TASK REQUIREMENTS: Please output, without any change, the lines of the material below from the very first through the one with "for centre, start, end".

======== SUPPLIED MATERIAL

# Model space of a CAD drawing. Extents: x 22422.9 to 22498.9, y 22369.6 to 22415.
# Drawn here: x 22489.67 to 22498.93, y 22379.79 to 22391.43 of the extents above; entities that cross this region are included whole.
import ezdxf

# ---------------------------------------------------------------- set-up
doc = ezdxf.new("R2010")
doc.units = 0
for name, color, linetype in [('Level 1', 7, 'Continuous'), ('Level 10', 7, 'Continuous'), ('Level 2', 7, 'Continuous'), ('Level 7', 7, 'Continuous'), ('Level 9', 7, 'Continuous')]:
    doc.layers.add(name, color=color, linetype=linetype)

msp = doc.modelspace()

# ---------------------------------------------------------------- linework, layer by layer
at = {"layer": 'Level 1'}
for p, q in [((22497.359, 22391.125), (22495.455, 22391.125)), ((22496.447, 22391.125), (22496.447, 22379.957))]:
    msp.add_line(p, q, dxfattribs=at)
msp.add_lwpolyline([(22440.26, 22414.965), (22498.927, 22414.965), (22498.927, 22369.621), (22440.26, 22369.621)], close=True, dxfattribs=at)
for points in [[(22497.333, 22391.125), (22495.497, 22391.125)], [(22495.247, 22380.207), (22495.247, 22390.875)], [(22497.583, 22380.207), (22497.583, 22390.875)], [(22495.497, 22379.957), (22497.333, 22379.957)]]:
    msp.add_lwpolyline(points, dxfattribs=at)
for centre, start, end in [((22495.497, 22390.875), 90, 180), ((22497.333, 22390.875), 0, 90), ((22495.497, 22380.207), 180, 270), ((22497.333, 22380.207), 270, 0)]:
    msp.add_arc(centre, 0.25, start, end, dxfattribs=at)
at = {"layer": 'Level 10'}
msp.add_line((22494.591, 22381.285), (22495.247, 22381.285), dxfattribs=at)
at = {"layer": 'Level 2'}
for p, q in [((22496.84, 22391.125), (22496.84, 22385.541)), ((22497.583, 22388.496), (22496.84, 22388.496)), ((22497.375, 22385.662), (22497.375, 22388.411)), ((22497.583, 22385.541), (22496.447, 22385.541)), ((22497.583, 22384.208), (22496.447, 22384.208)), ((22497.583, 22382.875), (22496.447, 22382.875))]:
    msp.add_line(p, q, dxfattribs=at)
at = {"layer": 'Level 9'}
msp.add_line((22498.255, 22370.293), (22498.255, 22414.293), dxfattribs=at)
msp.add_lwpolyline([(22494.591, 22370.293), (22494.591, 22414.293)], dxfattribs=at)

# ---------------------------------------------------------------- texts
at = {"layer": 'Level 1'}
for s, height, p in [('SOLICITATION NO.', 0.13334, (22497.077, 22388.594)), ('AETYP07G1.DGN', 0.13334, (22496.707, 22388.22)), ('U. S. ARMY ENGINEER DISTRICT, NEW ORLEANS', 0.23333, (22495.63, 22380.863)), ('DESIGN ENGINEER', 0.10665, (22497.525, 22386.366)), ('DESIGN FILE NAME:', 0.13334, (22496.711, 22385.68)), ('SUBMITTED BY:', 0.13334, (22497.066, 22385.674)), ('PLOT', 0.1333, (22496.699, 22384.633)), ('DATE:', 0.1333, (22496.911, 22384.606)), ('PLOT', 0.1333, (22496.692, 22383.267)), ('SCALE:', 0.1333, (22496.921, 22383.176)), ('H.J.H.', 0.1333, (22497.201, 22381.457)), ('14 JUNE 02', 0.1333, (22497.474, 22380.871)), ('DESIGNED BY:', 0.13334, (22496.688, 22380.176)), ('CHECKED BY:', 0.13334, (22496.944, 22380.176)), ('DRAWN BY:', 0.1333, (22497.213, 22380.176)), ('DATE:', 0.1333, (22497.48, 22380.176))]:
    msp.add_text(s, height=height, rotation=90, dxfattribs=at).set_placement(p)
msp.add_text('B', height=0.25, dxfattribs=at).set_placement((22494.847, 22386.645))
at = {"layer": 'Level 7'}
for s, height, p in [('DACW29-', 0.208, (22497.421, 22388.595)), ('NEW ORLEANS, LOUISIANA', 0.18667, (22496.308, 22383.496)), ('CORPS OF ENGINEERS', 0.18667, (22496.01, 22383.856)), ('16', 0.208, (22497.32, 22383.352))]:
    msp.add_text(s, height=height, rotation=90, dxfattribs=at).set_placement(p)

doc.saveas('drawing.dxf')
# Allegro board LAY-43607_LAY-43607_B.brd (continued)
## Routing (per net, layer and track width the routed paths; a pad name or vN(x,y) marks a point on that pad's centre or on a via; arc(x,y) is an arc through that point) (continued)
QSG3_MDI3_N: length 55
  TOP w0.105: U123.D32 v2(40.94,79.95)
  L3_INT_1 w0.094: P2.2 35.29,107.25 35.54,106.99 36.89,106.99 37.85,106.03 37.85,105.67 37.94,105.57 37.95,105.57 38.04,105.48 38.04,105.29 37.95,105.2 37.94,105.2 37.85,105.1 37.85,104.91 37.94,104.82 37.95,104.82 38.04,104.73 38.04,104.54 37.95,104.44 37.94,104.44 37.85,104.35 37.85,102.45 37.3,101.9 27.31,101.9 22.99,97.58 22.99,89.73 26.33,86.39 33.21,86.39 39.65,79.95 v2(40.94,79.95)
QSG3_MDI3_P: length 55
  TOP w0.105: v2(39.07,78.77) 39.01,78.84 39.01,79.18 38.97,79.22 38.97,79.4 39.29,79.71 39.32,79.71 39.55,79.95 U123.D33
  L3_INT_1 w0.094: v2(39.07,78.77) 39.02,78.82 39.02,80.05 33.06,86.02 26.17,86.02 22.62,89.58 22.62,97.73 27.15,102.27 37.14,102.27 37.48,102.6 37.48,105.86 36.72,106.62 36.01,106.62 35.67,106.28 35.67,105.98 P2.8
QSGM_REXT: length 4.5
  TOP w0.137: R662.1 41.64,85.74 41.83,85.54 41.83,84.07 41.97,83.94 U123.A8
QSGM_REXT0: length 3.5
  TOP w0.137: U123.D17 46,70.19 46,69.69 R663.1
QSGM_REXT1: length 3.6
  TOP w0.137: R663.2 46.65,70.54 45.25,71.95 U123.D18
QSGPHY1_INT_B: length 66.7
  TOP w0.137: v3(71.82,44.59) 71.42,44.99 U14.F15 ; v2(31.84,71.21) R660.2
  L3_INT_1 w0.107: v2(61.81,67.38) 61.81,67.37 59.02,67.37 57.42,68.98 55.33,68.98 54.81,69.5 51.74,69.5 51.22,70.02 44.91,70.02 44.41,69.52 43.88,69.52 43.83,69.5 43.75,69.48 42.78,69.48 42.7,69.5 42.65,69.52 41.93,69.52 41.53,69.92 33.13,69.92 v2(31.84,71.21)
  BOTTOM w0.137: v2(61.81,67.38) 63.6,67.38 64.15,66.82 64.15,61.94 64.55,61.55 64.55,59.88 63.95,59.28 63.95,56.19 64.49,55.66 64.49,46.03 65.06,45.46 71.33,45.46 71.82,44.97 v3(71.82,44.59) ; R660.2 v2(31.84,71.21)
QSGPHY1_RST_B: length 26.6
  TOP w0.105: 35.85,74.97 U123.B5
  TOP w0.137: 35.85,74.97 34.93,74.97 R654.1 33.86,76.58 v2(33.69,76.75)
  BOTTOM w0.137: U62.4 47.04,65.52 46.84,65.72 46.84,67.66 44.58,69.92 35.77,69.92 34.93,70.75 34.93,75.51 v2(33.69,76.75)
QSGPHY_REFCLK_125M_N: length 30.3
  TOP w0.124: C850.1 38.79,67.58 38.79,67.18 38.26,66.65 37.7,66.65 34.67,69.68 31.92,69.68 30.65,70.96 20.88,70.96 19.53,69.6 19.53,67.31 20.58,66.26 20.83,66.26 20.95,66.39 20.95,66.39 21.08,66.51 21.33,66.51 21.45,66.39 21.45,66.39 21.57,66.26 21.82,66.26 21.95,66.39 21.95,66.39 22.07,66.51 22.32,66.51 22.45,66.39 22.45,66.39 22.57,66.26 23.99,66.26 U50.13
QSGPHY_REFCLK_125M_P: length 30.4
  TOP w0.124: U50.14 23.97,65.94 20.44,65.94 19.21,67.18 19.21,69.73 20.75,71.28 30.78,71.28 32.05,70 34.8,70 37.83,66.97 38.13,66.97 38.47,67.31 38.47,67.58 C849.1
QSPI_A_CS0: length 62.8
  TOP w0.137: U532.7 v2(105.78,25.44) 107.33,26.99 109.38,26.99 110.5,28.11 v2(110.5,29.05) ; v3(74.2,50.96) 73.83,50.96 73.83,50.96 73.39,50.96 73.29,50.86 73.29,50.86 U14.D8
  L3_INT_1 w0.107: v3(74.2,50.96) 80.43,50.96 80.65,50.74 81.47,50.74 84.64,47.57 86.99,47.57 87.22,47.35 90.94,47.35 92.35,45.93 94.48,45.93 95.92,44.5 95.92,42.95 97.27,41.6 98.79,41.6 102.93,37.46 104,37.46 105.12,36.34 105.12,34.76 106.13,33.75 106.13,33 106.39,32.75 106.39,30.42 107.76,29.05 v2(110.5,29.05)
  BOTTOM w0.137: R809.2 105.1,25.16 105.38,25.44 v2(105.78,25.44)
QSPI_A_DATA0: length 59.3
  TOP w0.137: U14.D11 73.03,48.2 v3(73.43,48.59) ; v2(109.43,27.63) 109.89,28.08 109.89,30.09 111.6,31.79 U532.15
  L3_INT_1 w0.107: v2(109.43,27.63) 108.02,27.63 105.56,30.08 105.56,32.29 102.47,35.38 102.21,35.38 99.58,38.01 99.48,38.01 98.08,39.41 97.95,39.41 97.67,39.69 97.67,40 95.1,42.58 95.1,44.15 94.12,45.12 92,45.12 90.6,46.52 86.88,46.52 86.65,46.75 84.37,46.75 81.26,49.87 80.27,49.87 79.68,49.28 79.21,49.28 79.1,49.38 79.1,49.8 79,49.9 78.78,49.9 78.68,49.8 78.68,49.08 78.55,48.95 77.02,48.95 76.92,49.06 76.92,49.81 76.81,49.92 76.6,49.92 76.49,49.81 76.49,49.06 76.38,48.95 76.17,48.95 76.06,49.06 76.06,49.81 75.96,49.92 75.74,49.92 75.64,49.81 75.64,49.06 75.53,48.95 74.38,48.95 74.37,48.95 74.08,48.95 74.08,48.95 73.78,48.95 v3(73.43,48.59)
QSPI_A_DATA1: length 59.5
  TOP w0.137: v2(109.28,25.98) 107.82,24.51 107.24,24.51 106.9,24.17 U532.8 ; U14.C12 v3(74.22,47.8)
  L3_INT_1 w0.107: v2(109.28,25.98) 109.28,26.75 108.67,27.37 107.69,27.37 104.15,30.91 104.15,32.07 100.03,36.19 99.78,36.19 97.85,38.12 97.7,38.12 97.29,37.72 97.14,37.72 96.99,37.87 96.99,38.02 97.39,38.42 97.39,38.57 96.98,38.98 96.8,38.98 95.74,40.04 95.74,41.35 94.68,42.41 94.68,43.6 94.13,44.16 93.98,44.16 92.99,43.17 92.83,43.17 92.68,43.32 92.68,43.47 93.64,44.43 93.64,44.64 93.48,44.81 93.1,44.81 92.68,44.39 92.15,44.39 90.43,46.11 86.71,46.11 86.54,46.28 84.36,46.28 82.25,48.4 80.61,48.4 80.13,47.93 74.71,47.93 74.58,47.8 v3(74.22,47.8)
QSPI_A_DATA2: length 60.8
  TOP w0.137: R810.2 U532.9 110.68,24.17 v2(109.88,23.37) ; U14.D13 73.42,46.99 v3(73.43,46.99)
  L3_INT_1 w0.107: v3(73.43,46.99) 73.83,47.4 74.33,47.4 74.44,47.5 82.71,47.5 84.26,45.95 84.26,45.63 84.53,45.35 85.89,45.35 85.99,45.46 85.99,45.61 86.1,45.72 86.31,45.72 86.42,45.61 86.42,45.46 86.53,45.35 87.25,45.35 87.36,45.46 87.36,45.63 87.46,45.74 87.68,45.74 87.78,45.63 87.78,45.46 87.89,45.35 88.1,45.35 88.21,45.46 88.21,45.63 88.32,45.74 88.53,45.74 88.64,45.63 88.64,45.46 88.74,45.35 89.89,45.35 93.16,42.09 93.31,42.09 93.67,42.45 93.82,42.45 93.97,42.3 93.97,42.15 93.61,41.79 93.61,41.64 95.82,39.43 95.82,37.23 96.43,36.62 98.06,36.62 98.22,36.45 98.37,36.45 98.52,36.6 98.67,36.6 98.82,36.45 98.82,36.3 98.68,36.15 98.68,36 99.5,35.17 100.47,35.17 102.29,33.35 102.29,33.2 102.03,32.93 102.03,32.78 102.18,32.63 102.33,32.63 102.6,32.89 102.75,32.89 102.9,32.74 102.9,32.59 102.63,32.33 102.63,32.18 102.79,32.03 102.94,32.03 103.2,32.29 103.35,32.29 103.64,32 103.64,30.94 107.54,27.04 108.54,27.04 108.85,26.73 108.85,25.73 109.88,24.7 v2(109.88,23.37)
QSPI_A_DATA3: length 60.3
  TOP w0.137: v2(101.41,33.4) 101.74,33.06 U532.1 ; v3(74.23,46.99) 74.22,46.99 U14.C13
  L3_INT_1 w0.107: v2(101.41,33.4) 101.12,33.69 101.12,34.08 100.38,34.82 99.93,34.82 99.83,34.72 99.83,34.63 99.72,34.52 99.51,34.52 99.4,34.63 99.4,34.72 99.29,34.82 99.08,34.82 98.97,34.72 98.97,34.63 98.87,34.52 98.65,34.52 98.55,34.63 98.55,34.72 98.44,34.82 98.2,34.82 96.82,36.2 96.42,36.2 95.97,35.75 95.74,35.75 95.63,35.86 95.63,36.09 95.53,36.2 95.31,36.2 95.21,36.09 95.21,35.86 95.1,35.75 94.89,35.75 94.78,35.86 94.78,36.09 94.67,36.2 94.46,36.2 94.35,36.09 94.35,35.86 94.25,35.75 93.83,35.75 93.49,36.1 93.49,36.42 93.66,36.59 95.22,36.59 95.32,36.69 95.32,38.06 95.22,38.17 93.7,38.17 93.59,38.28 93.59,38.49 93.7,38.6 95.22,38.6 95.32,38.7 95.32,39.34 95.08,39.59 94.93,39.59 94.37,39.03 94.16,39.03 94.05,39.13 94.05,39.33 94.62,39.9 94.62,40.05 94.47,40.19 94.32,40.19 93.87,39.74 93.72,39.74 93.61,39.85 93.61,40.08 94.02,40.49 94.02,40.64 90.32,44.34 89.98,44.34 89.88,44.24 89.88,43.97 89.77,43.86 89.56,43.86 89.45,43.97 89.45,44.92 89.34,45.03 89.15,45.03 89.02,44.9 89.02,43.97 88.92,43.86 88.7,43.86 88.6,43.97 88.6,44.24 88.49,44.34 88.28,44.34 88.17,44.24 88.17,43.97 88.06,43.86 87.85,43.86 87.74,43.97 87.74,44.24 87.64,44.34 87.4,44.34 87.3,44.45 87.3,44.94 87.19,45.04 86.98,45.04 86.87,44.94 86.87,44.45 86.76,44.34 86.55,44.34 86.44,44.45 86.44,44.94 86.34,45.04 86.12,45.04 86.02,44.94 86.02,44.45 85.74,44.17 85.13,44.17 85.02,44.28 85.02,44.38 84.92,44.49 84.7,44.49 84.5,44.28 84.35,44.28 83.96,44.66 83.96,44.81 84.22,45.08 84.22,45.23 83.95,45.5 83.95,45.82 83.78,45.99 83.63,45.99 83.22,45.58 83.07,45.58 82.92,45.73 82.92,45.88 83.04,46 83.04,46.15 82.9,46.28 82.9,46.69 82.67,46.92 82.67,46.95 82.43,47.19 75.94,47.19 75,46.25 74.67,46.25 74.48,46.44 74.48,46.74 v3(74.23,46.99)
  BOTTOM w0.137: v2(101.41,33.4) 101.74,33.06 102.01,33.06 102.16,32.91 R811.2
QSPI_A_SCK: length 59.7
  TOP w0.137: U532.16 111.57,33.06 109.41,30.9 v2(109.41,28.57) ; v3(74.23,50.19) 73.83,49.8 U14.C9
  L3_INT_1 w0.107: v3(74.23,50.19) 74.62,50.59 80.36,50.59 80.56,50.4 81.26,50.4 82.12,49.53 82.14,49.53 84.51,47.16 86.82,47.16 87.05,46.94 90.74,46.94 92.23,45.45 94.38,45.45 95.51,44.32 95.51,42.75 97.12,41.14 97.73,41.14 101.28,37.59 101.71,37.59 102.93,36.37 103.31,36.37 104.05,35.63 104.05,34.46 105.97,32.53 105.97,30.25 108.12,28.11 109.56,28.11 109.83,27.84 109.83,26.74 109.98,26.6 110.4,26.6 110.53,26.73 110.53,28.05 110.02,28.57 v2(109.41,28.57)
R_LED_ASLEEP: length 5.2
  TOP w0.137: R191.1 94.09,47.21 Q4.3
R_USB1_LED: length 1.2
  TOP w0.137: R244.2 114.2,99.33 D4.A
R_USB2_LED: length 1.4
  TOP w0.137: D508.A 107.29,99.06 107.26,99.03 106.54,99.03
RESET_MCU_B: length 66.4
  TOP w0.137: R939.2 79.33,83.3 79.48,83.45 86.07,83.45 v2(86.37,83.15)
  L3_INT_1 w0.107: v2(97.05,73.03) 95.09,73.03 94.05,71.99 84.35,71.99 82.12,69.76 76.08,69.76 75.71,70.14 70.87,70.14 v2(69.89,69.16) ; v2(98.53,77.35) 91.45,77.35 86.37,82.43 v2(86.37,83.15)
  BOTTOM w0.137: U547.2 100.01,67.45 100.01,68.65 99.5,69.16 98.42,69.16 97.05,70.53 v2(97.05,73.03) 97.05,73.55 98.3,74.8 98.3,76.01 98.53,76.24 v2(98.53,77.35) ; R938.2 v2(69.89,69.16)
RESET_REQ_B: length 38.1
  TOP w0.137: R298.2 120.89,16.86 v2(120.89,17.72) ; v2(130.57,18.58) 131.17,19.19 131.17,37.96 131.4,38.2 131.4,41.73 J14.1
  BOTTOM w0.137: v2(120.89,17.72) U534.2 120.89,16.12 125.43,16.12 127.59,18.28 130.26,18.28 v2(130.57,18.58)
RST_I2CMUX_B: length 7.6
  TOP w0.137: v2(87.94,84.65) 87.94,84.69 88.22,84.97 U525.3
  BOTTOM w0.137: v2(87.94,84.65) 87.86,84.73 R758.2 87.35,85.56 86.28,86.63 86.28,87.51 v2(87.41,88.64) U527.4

================

THE ANSWER:
# Model space of a CAD drawing. Extents: x 22422.9 to 22498.9, y 22369.6 to 22415.
# Drawn here: x 22489.67 to 22498.93, y 22379.79 to 22391.43 of the extents above; entities that cross this region are included whole.
import ezdxf

# ---------------------------------------------------------------- set-up
doc = ezdxf.new("R2010")
doc.units = 0
for name, color, linetype in [('Level 1', 7, 'Continuous'), ('Level 10', 7, 'Continuous'), ('Level 2', 7, 'Continuous'), ('Level 7', 7, 'Continuous'), ('Level 9', 7, 'Continuous')]:
    doc.layers.add(name, color=color, linetype=linetype)

msp = doc.modelspace()

# ---------------------------------------------------------------- linework, layer by layer
at = {"layer": 'Level 1'}
for p, q in [((22497.359, 22391.125), (22495.455, 22391.125)), ((22496.447, 22391.125), (22496.447, 22379.957))]:
    msp.add_line(p, q, dxfattribs=at)
msp.add_lwpolyline([(22440.26, 22414.965), (22498.927, 22414.965), (22498.927, 22369.621), (22440.26, 22369.621)], close=True, dxfattribs=at)
for points in [[(22497.333, 22391.125), (22495.497, 22391.125)], [(22495.247, 22380.207), (22495.247, 22390.875)], [(22497.583, 22380.207), (22497.583, 22390.875)], [(22495.497, 22379.957), (22497.333, 22379.957)]]:
    msp.add_lwpolyline(points, dxfattribs=at)
for centre, start, end in [((22495.497, 22390.875), 90, 180), ((22497.333, 22390.875), 0, 90), ((22495.497, 22380.207), 180, 270), ((22497.333, 22380.207), 270, 0)]:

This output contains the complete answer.